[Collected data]

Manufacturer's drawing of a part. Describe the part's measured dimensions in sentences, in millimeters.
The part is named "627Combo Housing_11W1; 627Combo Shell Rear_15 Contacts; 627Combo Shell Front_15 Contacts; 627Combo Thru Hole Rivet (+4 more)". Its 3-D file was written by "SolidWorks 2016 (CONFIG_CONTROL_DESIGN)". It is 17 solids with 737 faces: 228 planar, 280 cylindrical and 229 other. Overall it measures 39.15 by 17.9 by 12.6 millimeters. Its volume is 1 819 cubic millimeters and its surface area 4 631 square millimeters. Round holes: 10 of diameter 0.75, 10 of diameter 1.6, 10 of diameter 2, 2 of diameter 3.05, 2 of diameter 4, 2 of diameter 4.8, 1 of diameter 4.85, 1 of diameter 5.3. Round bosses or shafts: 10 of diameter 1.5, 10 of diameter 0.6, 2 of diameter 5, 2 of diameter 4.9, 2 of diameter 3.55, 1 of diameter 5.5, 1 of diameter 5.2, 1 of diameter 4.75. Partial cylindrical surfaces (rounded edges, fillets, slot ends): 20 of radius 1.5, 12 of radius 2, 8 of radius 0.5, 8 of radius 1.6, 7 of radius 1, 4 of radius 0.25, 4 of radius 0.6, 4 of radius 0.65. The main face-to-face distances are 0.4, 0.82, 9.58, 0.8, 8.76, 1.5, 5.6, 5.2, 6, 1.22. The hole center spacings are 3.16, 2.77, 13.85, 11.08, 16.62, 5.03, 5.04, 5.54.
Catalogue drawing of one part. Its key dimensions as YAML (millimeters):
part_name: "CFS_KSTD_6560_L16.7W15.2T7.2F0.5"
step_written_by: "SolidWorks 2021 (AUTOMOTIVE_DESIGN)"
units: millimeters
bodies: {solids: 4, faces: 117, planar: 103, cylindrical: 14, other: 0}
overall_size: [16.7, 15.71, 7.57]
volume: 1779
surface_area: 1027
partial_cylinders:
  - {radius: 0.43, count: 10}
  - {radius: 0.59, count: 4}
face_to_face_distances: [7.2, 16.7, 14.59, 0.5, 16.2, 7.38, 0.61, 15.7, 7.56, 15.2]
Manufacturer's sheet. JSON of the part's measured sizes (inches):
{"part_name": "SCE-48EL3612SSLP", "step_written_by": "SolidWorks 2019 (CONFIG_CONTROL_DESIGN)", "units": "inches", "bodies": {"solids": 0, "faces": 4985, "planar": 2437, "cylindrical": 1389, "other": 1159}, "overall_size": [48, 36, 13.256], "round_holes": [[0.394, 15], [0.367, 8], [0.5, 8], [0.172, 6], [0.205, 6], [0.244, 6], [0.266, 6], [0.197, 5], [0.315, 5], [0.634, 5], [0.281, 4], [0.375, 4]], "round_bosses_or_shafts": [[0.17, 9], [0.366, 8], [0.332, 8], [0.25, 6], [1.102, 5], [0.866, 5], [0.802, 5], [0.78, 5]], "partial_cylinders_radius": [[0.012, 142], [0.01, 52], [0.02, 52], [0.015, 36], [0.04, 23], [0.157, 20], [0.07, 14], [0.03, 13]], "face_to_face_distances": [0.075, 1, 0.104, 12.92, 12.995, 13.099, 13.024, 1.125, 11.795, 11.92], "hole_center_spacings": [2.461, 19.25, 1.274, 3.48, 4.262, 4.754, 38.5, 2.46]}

[YOUR TASK]
Looking at the records above, work out how many lines include the word "drawing", then give that number by itself.

[SOLUTION TO THE EXERCISE]
2